═════ Given entries ═════

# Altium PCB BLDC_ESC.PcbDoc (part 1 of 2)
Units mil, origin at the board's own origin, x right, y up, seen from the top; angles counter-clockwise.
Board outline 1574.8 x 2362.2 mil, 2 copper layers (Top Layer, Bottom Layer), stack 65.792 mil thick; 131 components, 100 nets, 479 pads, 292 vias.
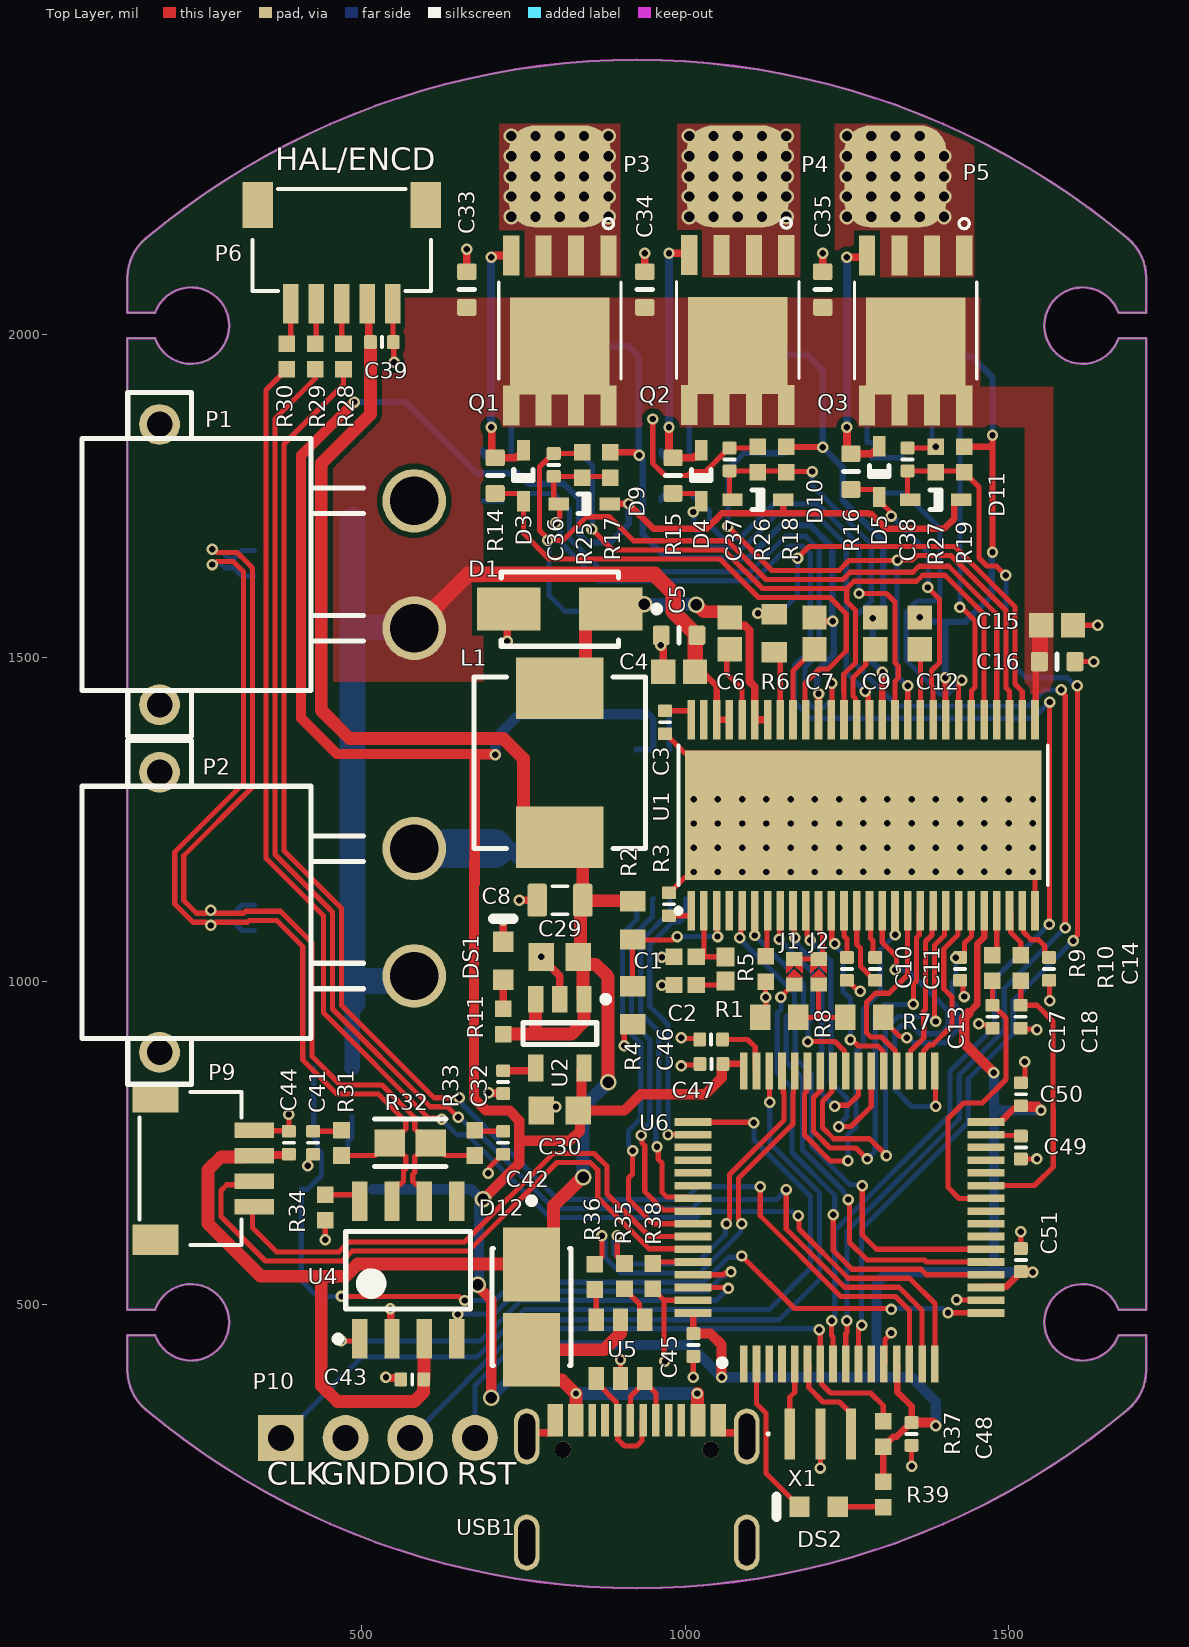
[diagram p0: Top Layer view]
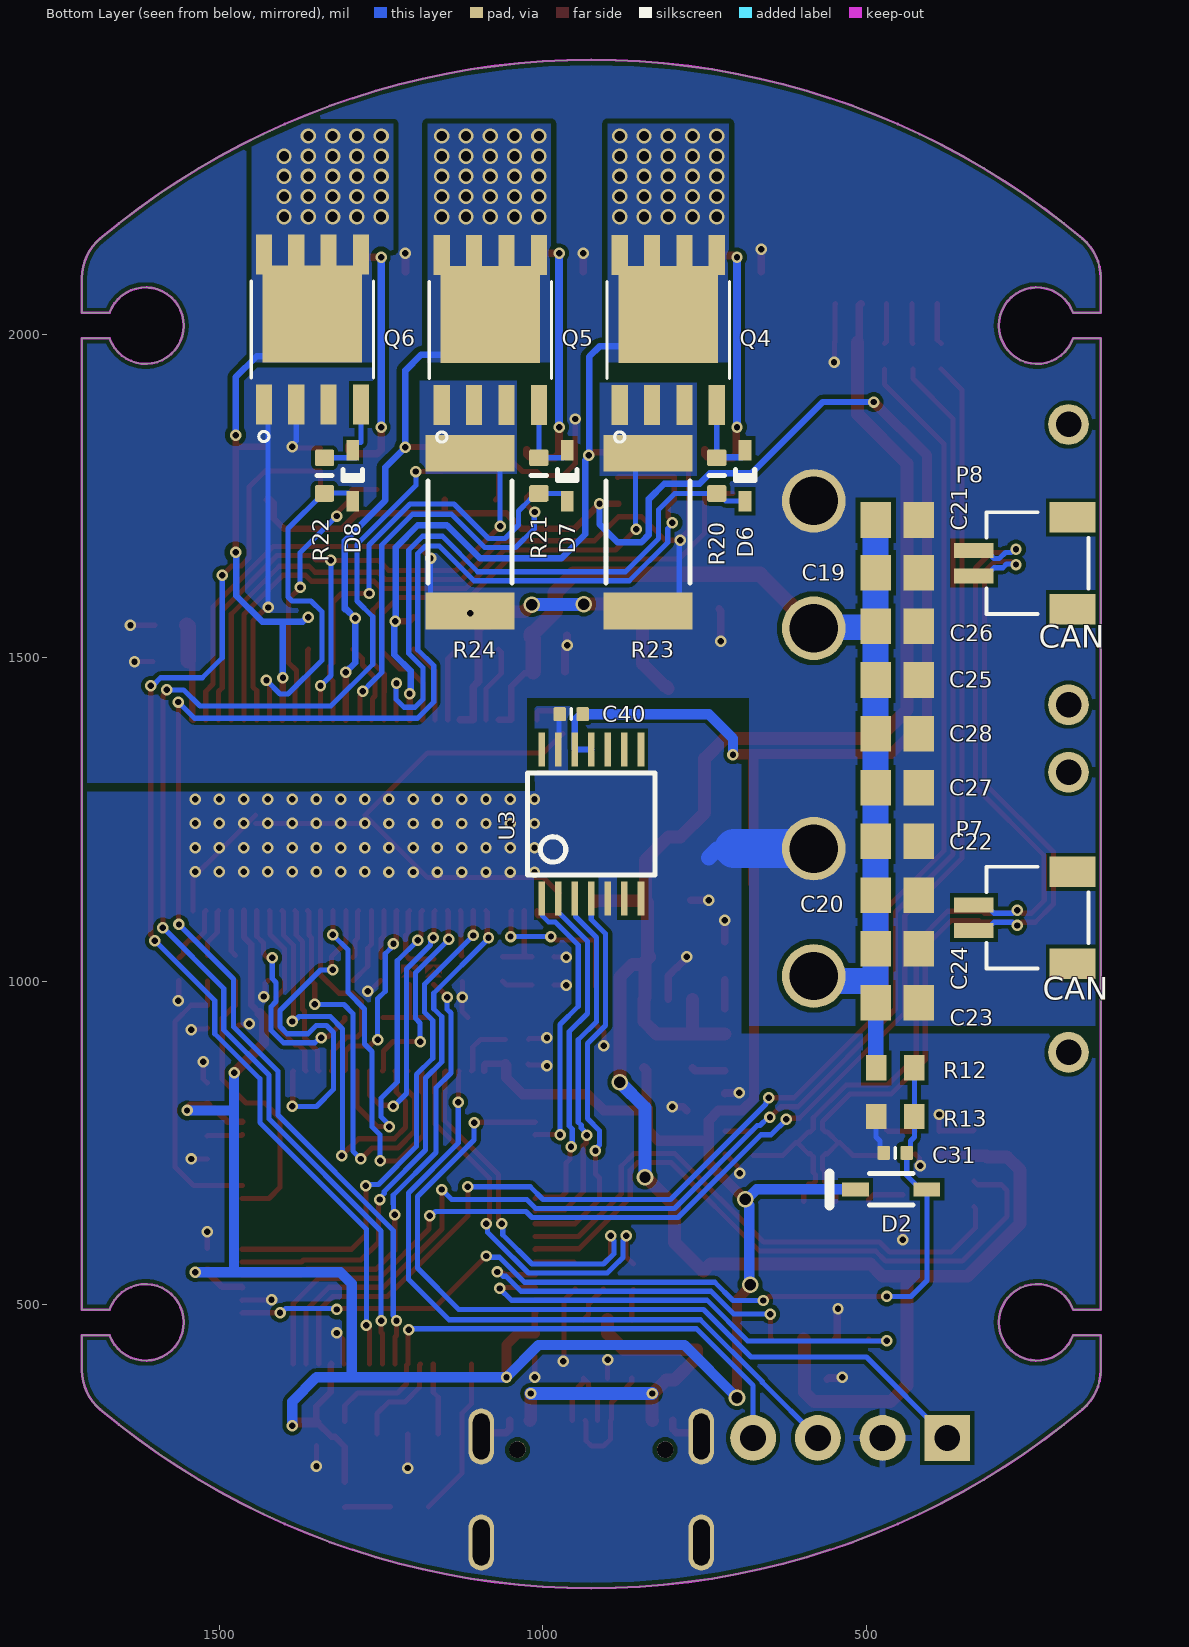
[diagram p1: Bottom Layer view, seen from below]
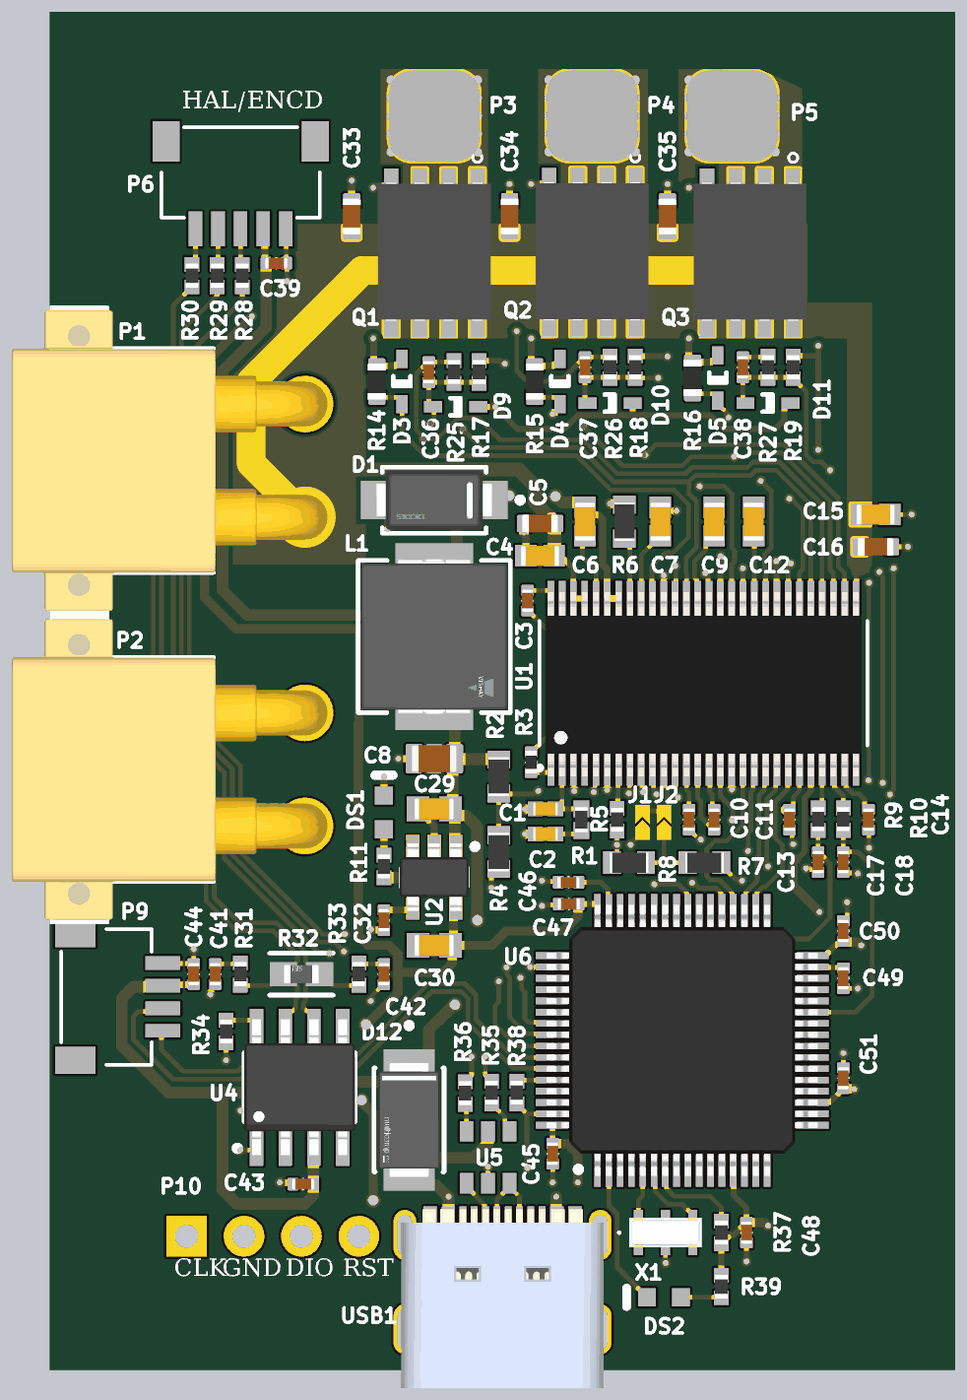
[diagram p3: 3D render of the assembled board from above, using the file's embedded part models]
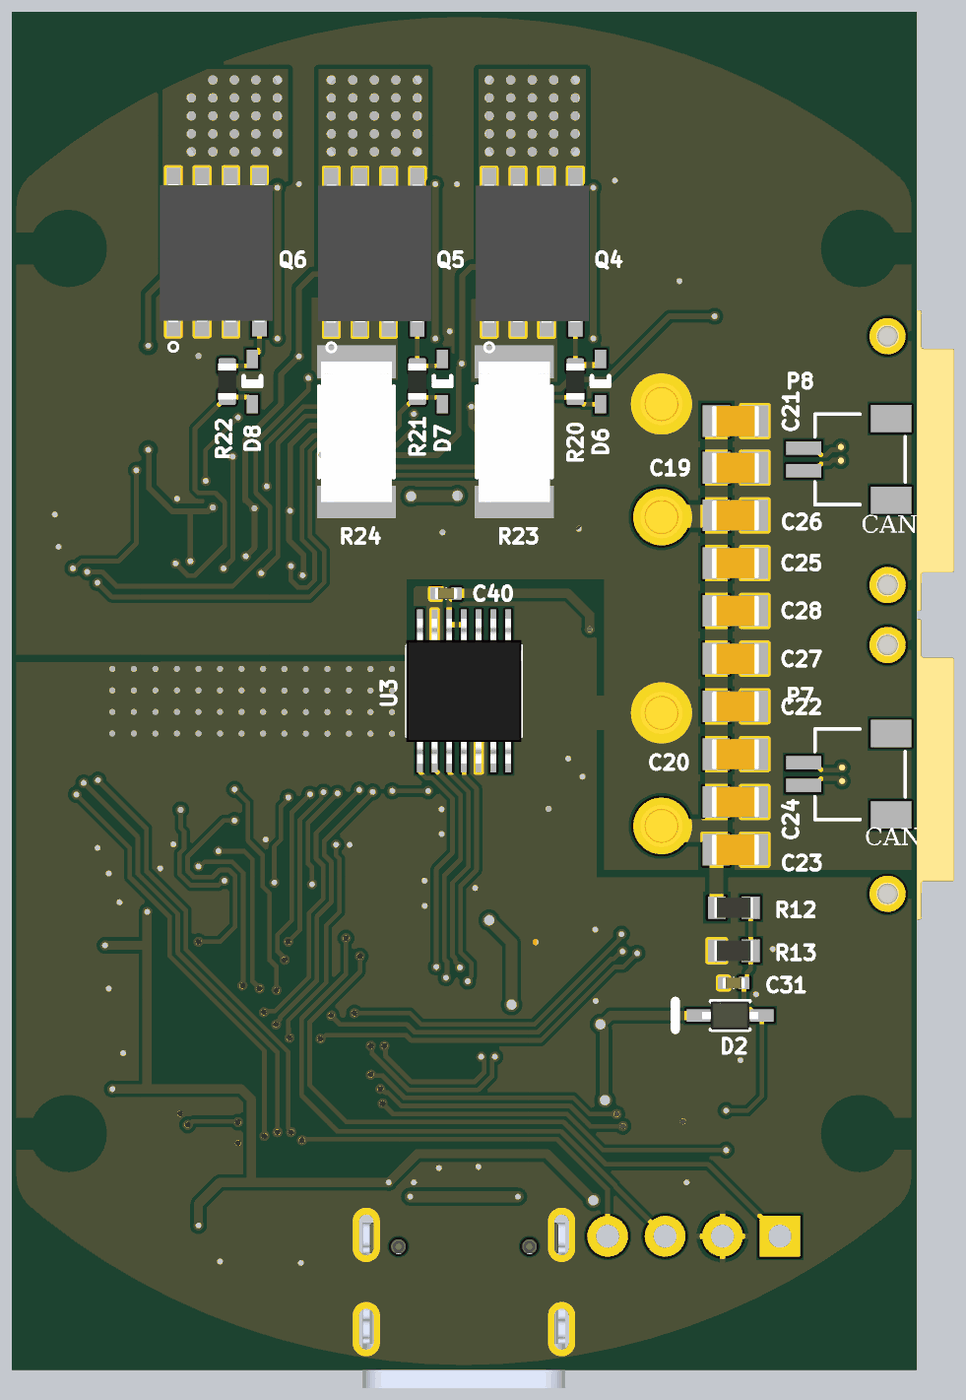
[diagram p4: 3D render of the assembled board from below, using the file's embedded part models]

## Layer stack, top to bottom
Top Solder: solder mask 0.4, Solder Resist, Dk 3.5
Top Layer: signal copper 1.4
Dielectric 1: dielectric 62.9921, FR-4, Dk 4.8
Bottom Layer: signal copper 1.4
Bottom Solder: solder mask 0.4, Solder Resist, Dk 3.5

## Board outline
165.92,338.03 cw(c216.54,398.35) 137.8,398.35 137.8,452.76 180.54,452.76 ccw(c236.22,472.44) 180.54,492.13 137.8,492.13 137.8,1993.35 180.54,1993.35 ccw(c236.22,2013.04) 180.54,2032.72 137.8,2032.72 137.8,2087.13 cw(c216.54,2087.13) 165.92,2147.45 cw(c925.2,1242.74) 1684.48,2147.45 cw(c1633.86,2087.13) 1712.6,2087.13 1712.6,2032.72 1669.85,2032.72 ccw(c1614.17,2013.04) 1669.85,1993.35 1712.6,1993.35 1712.6,492.13 1669.85,492.13 ccw(c1614.17,472.44) 1669.85,452.76 1712.6,452.76 1712.6,398.35 cw(c1633.86,398.35) 1684.48,338.03 cw(c925.2,1242.74)

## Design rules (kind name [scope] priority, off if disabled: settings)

═════

If an entry holds a picture, leave that picture out, and transcribe the rest of the listing above exactly.

# Altium PCB BLDC_ESC.PcbDoc (part 1 of 2)
Units mil, origin at the board's own origin, x right, y up, seen from the top; angles counter-clockwise.
Board outline 1574.8 x 2362.2 mil, 2 copper layers (Top Layer, Bottom Layer), stack 65.792 mil thick; 131 components, 100 nets, 479 pads, 292 vias.
[diagram p0: Top Layer view]
[diagram p1: Bottom Layer view, seen from below]
[diagram p3: 3D render of the assembled board from above, using the file's embedded part models]
[diagram p4: 3D render of the assembled board from below, using the file's embedded part models]

## Layer stack, top to bottom
Top Solder: solder mask 0.4, Solder Resist, Dk 3.5
Top Layer: signal copper 1.4
Dielectric 1: dielectric 62.9921, FR-4, Dk 4.8
Bottom Layer: signal copper 1.4
Bottom Solder: solder mask 0.4, Solder Resist, Dk 3.5

## Board outline
165.92,338.03 cw(c216.54,398.35) 137.8,398.35 137.8,452.76 180.54,452.76 ccw(c236.22,472.44) 180.54,492.13 137.8,492.13 137.8,1993.35 180.54,1993.35 ccw(c236.22,2013.04) 180.54,2032.72 137.8,2032.72 137.8,2087.13 cw(c216.54,2087.13) 165.92,2147.45 cw(c925.2,1242.74) 1684.48,2147.45 cw(c1633.86,2087.13) 1712.6,2087.13 1712.6,2032.72 1669.85,2032.72 ccw(c1614.17,2013.04) 1669.85,1993.35 1712.6,1993.35 1712.6,492.13 1669.85,492.13 ccw(c1614.17,472.44) 1669.85,452.76 1712.6,452.76 1712.6,398.35 cw(c1633.86,398.35) 1684.48,338.03 cw(c925.2,1242.74)

## Design rules (kind name [scope] priority, off if disabled: settings)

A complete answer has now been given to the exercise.